Si può conoscere la realtà di Riace in maniera scevra da condizionamenti e posizioni precostituite? Certo che si può. Magari leggendo un saggio come “Bronzi, santi e rifugiati. Il caso di Riace” (2018, Castelvecchi editore) del 34enne antropologo e docente Pietro Domenico Zavaglia, uscito lo scorso mese di settembre quando le conseguenze delle operazioni giudiziarie a carico di Lucano e delle persone a lui più vicine si potevano solo intuire.

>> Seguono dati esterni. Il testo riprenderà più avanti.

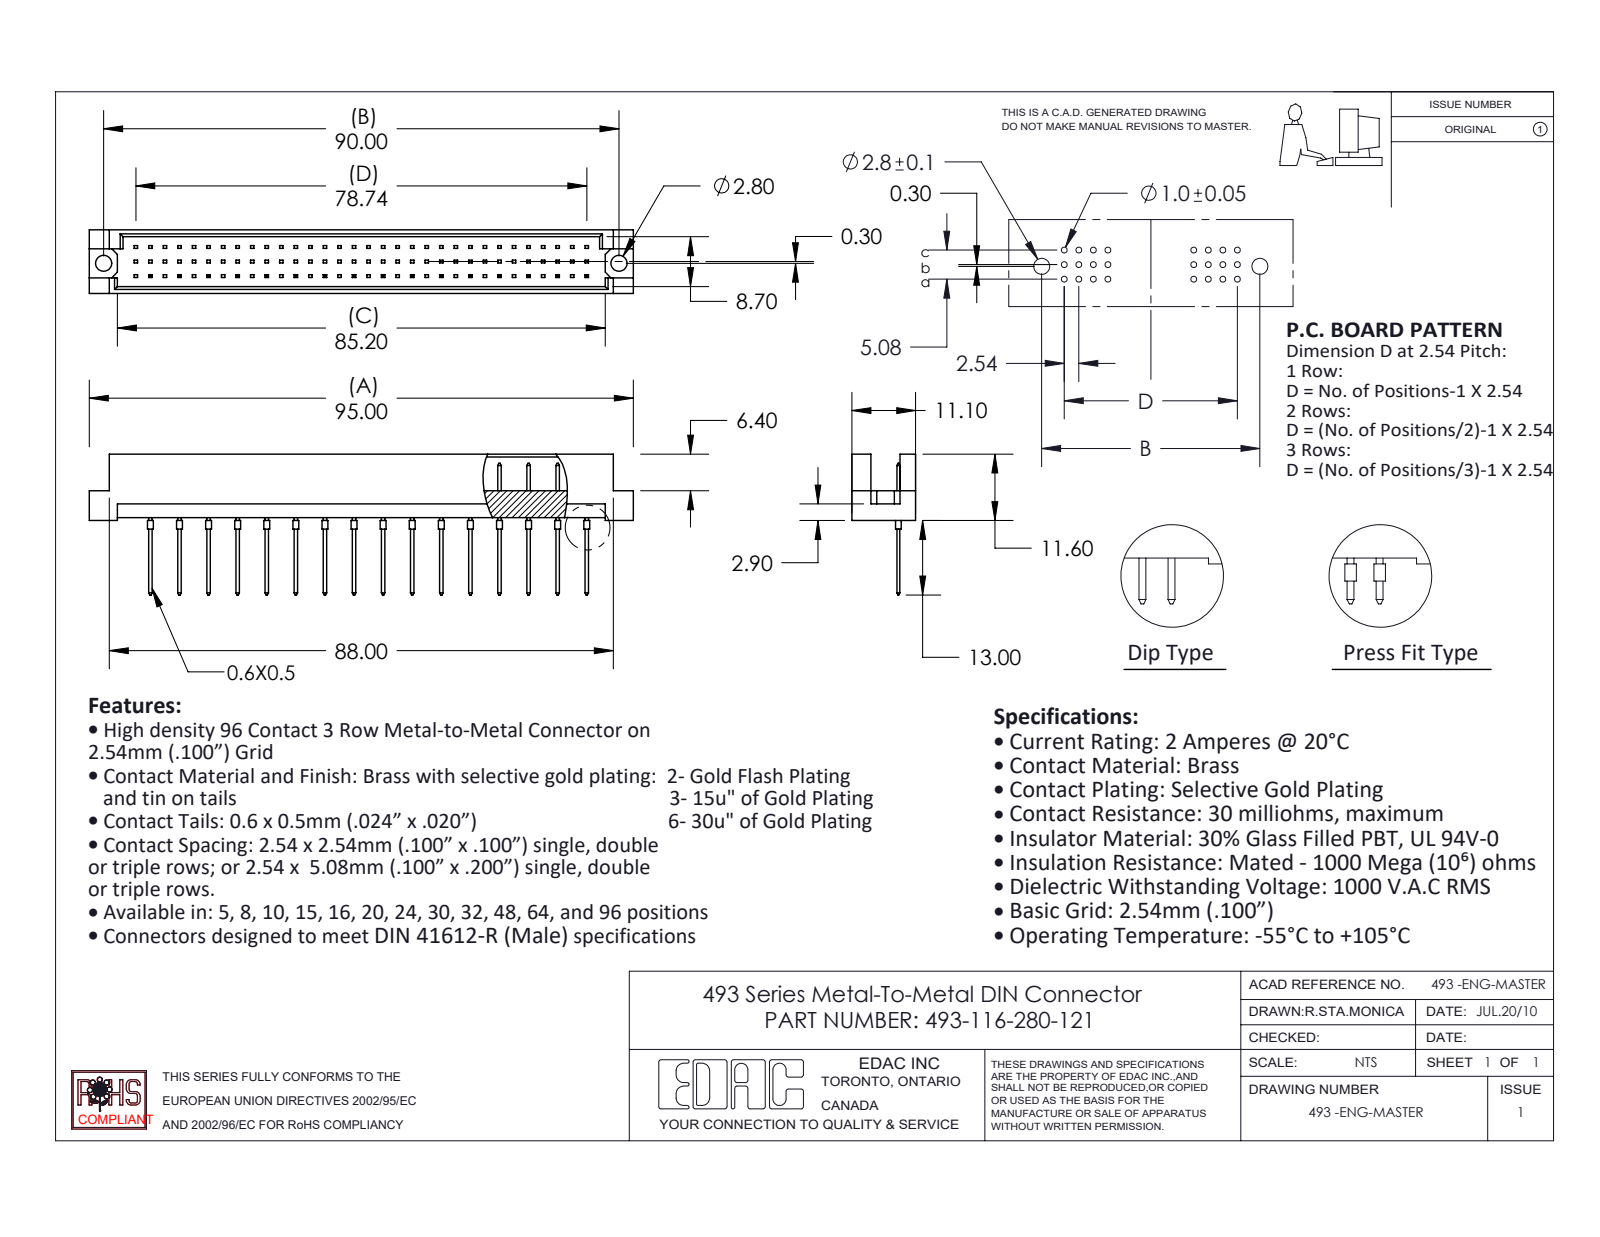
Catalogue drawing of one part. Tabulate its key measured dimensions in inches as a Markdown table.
| quantity | value |
| --- | --- |
| part name | 493-290_80; 493-116-280-122; 493 Part_96 |
| STEP written by | SolidWorks 2020 (CONFIG_CONTROL_DESIGN) |
| units | inches |
| bodies | 17 solids, 788 faces (752 planar, 36 cylindrical, 0 other) |
| overall size | 3.74 × 0.969 × 0.437 |
| volume | 0.353 in³ |
| surface area | 11.34 in² |
| round holes (diameter × count) | 0.11 × 2 |
| round bosses / shafts (diameter × count) | 0.039 × 16 |
| main face-to-face distances | 0.047, 0.39, 0.437, 0.343, 0.185, 0.02, 0.2, 0.109, 0.128, 0.309 |
| hole center spacings | 3.543 |
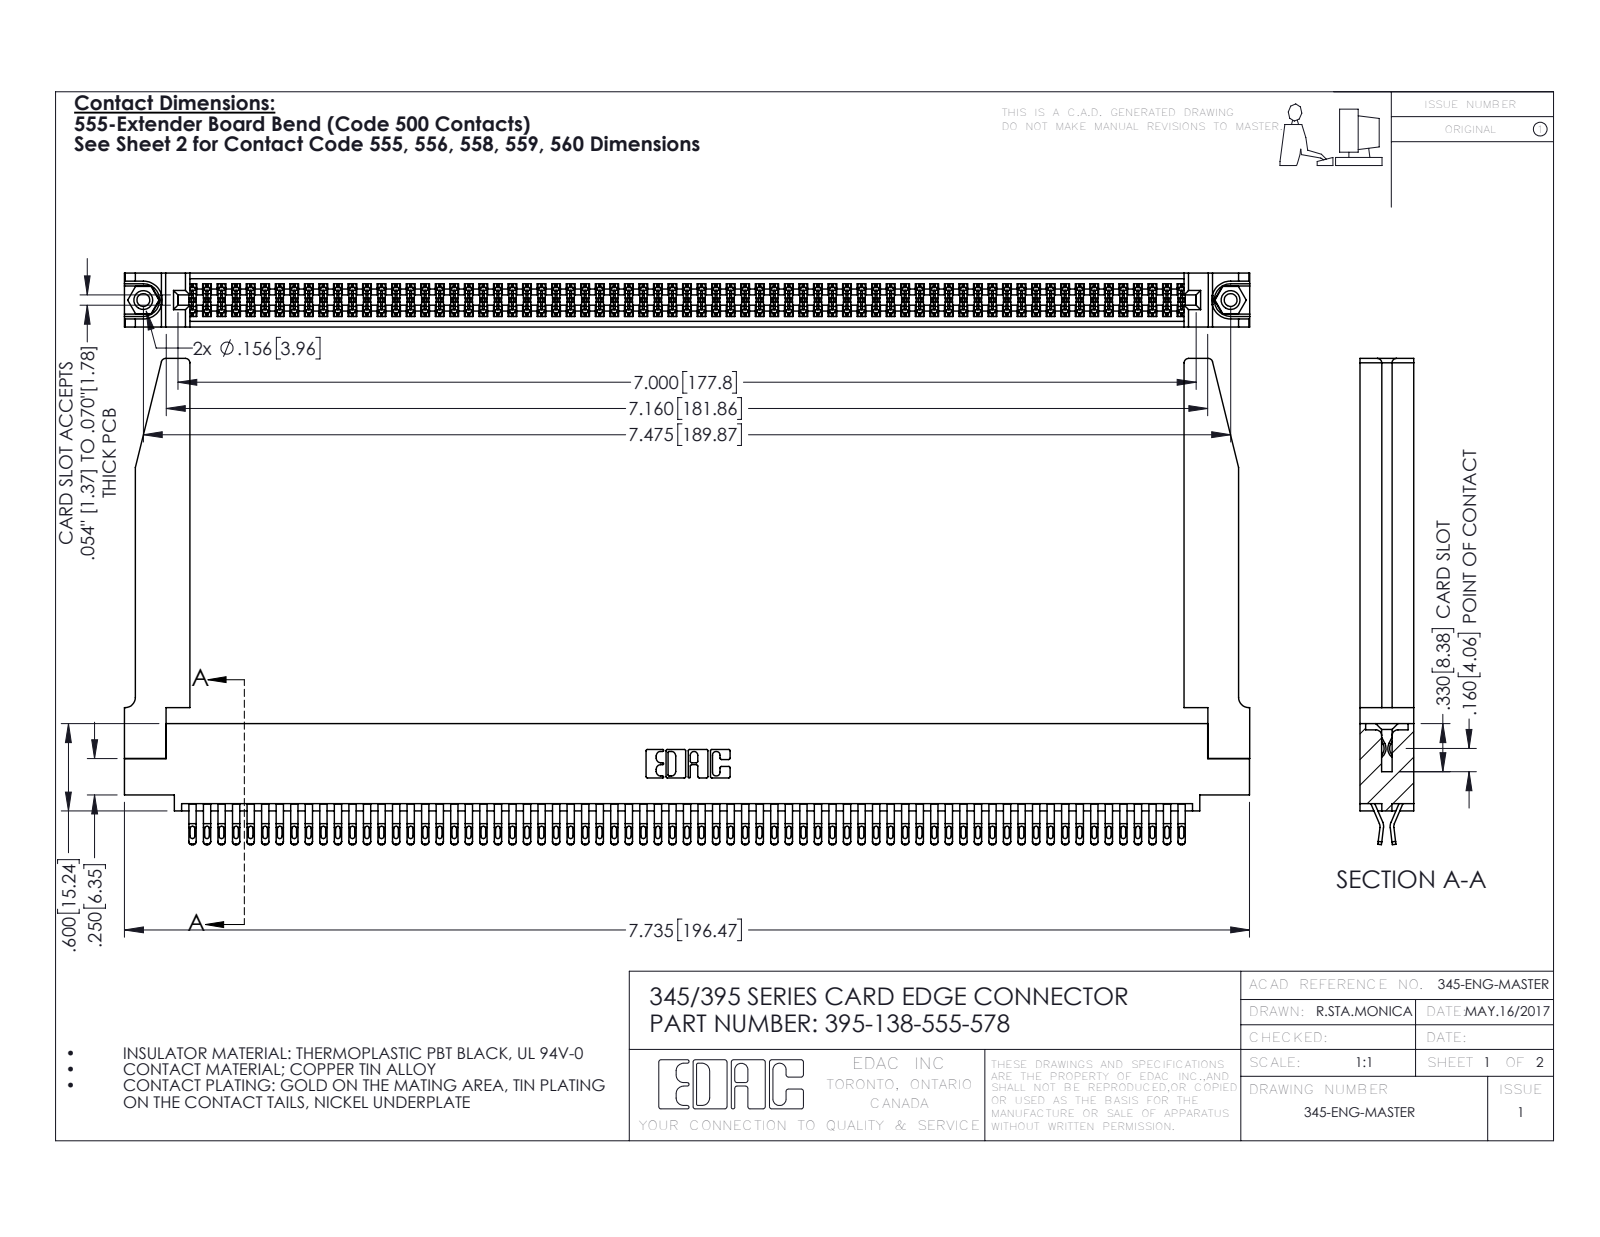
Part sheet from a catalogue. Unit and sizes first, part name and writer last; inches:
Units: inches
Overall size (bounding box): 7.736 × 3.342 × 0.37
Round holes (diameter × count): ⌀0.089 ×2, ⌀0.125 ×2, ⌀0.156 ×2, ⌀0.064 ×1
Round bosses / shafts (diameter × count): ⌀0.155 ×2
Partial cylindrical surfaces — rounded edges, fillets, slot ends (radius × count): R0.016 ×345, R0.02 ×276, R0.006 ×207, R0.01 ×22, R0.03 ×8, R0.007 ×6, R0.031 ×6, R0.026 ×3
Main face-to-face distances: 0.072, 0.298, 0.37, 0.025, 0.098, 0.272, 0.2, 0.225, 0.175, 0.149
Hole centre spacings: 0.27, 7.239, 7.475
Volume: 1.674 in³ · Surface area: 58.77 in²
Bodies: 143 solids, 8092 faces (4504 planar, 3536 cylindrical, 52 other)
Part name (STEP PRODUCT): 345-250-001_345-250-001-102; 395-138-555-578; 345-220-078_345-220-078; 345-292-001_555 Tail (+1 more)
STEP written by: SolidWorks 2016 (CONFIG_CONTROL_DESIGN)
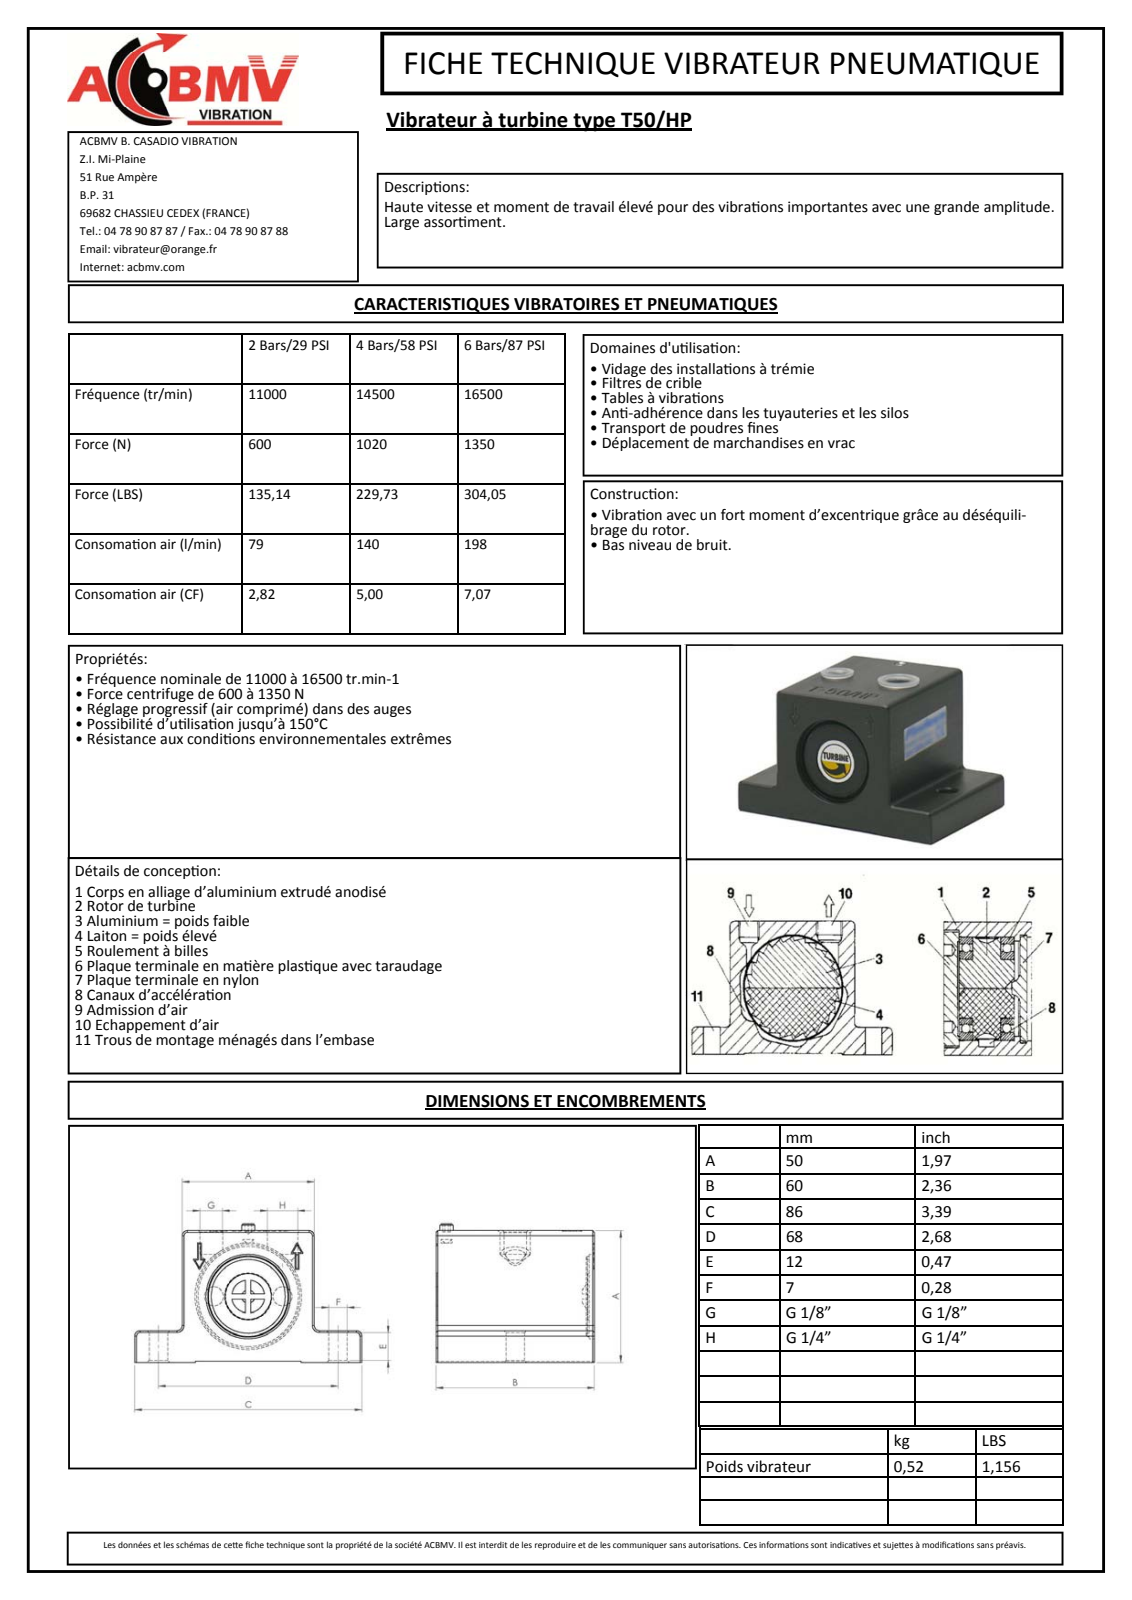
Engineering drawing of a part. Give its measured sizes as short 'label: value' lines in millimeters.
name: 8050-20-M
written by: Autodesk Inventor 2011 (CONFIG_CONTROL_DESIGN)
unit: mm
bodies: 1 solid, 361 faces (227 planar, 94 cylindrical, 40 other)
size: 86 × 60 × 52.5
volume: 169 878 mm³; area: 23 420 mm²
holes: 2× ⌀7, 2× ⌀7.2, 1× ⌀1.79, 1× ⌀4.13, 1× ⌀8.57, 1× ⌀11.45, 1× ⌀17.5, 1× ⌀18, 1× ⌀32
bosses: 1× ⌀28, 1× ⌀5, 1× ⌀1.61
rounds: 17× R0.25, 14× R0.2, 6× R1.25, 6× R2, 4× R0.46, 4× R1.75, 3× R0.31, 3× R0.54
face distances: 50, 0.5, 49.5, 60, 12, 11.5, 38, 18, 68, 86
hole spacings: 13, 42.8, 15.85, 16.68, 20, 21, 26, 26.12
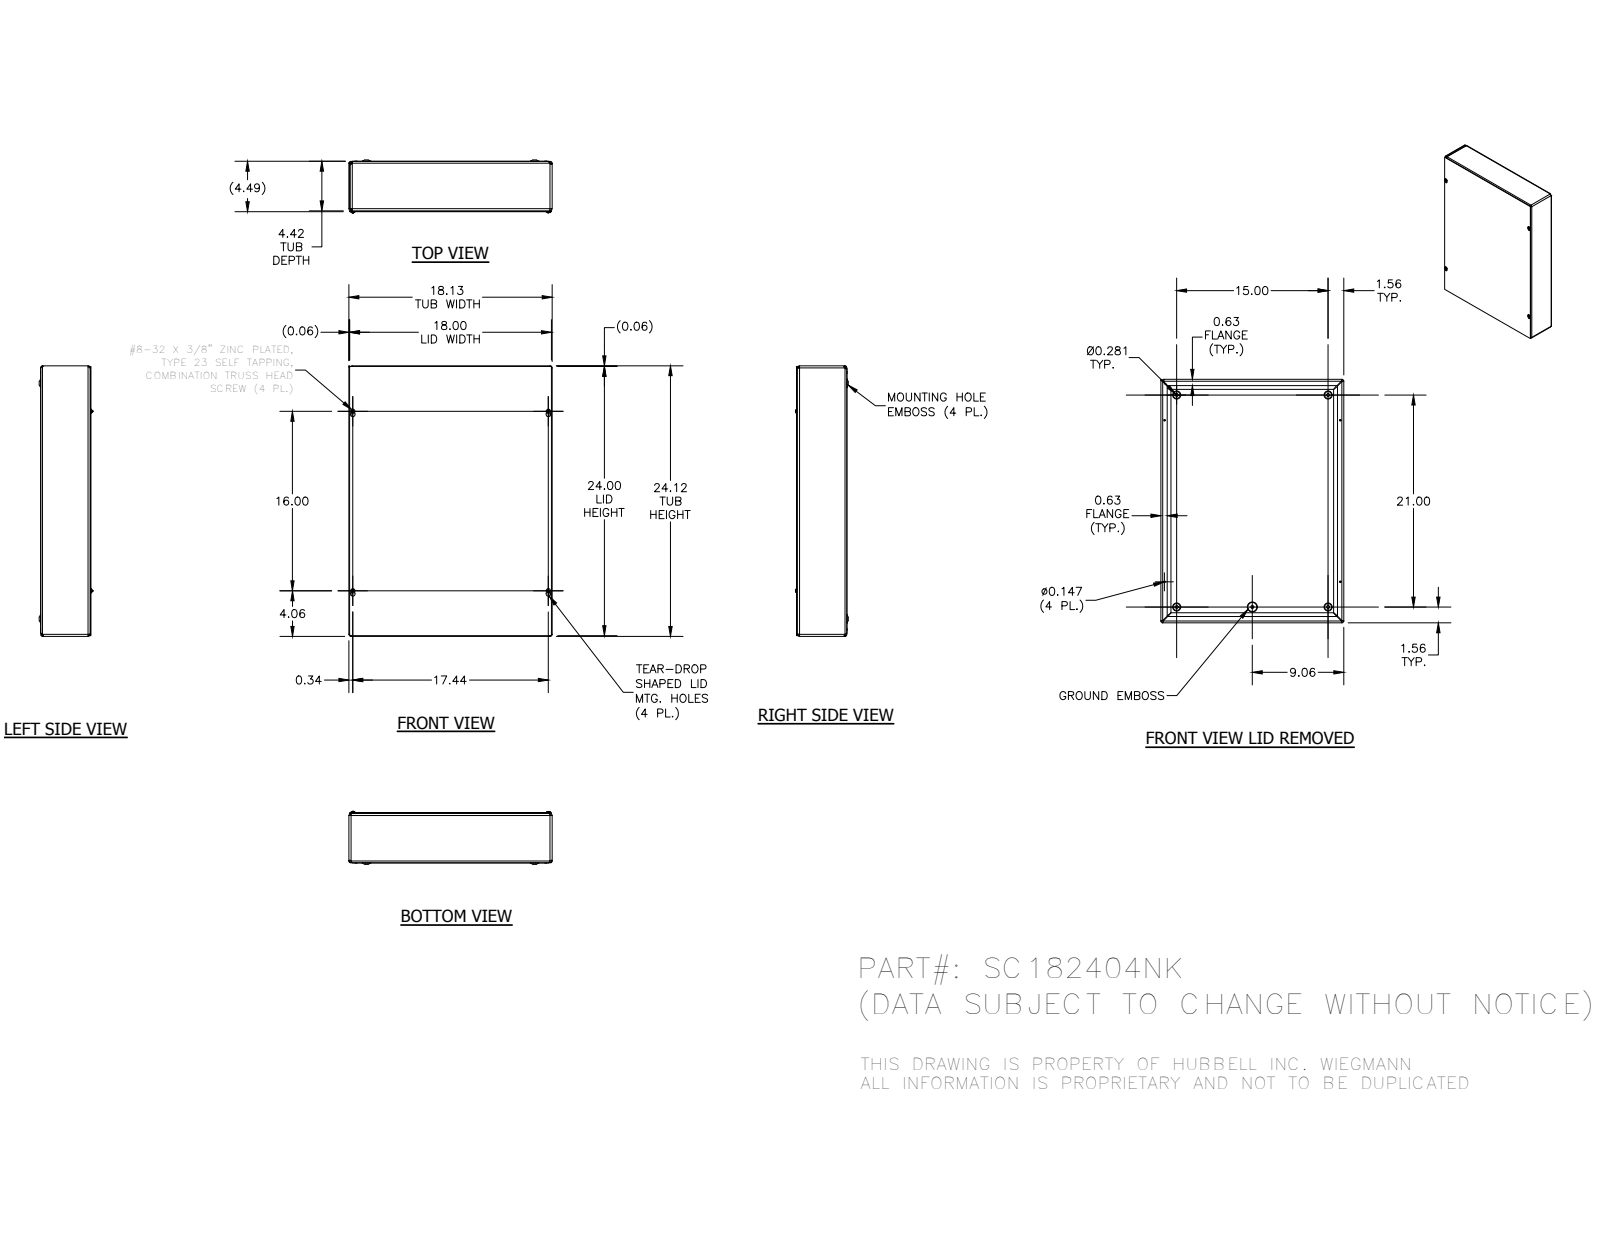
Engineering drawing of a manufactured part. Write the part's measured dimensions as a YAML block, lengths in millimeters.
part_name: "SC1824BKP; SC182404NKWRA; SC1824LID; 34056 (+1 more)"
step_written_by: "Autodesk Inventor 2014 (AUTOMOTIVE_DESIGN)"
units: millimeters
bodies: {solids: 7, faces: 358, planar: 133, cylindrical: 75, other: 150}
overall_size: [612.77, 460.38, 119.79]
volume: 1521000
surface_area: 1738000
round_holes:
  - {diameter: 3.73, count: 4}
  - {diameter: 7.62, count: 4}
  - {diameter: 4.19, count: 1}
round_bosses_or_shafts:
  - {diameter: 4.57, count: 8}
  - {diameter: 9.75, count: 4}
  - {diameter: 4.17, count: 4}
  - {diameter: 5.8, count: 1}
partial_cylinders:
  - {radius: 3.17, count: 12}
  - {radius: 4.75, count: 8}
  - {radius: 1.4, count: 4}
  - {radius: 1.57, count: 4}
  - {radius: 2.38, count: 4}
  - {radius: 2.97, count: 4}
  - {radius: 3.15, count: 4}
  - {radius: 3.96, count: 4}
face_to_face_distances: [1.88, 112.2, 110.32, 114.08, 1.57, 458.8, 611.2, 457.23, 460.37, 612.77]
hole_center_spacings: [470.92, 624.91, 70.64, 70.65, 190.5, 381, 406.4, 416.82]

Nel suo attento lavoro di ricerca, Zavaglia, grotterese che vive e lavora a Roma, parte dalle date fondamentali della storia contemporanea di Riace: l’estate del 1972 quando vennero rinvenute le due statue greche subito custodite al museo di Reggio Calabria, e quella del 1998, quando sbarcarono i primi profughi curdi, accolti temporaneamente nella Casa del Pellegrino.
L’autore non si limita alla scarna cronaca dei fatti e al susseguirsi degli eventi, ma cerca e trova connessioni concettuali, culturali e, appunto antropologiche, sulle ragioni che hanno spinto a sviluppare i progetti di accoglienza, e una forma tutta tipica di turismo, col Riace Village che ospita ogni anno centinaia di visitatori attratti da questo modello unico di integrazione e convivenza pacifica tra autoctoni e rifugiati.
Dopo gli approfondimenti condotti, Zavaglia tiene conto delle ragioni e delle posizioni degli avversari politici di Lucano, dei lati positivi della sua attività e di quelli la cui prosecuzione appare inevitabilmente in bilico quando, al di là degli esiti delle iniziative giudiziarie a suo carico, terminerà il suo terzo mandato amministrativo.
Insomma, il saggio di Zavaglia è uno strumento indispensabile per conoscere la realtà di Riace senza per forza di cose essere intruppati nelle opposte tifoserie.
“Bronzi, santi e rifugiati verrà presentato il prossimo 26 dicembre alle 17,30 nello spazio culturale “MAG. La ladra di libri”. Gianluca Albanese dialogherà con l’autore.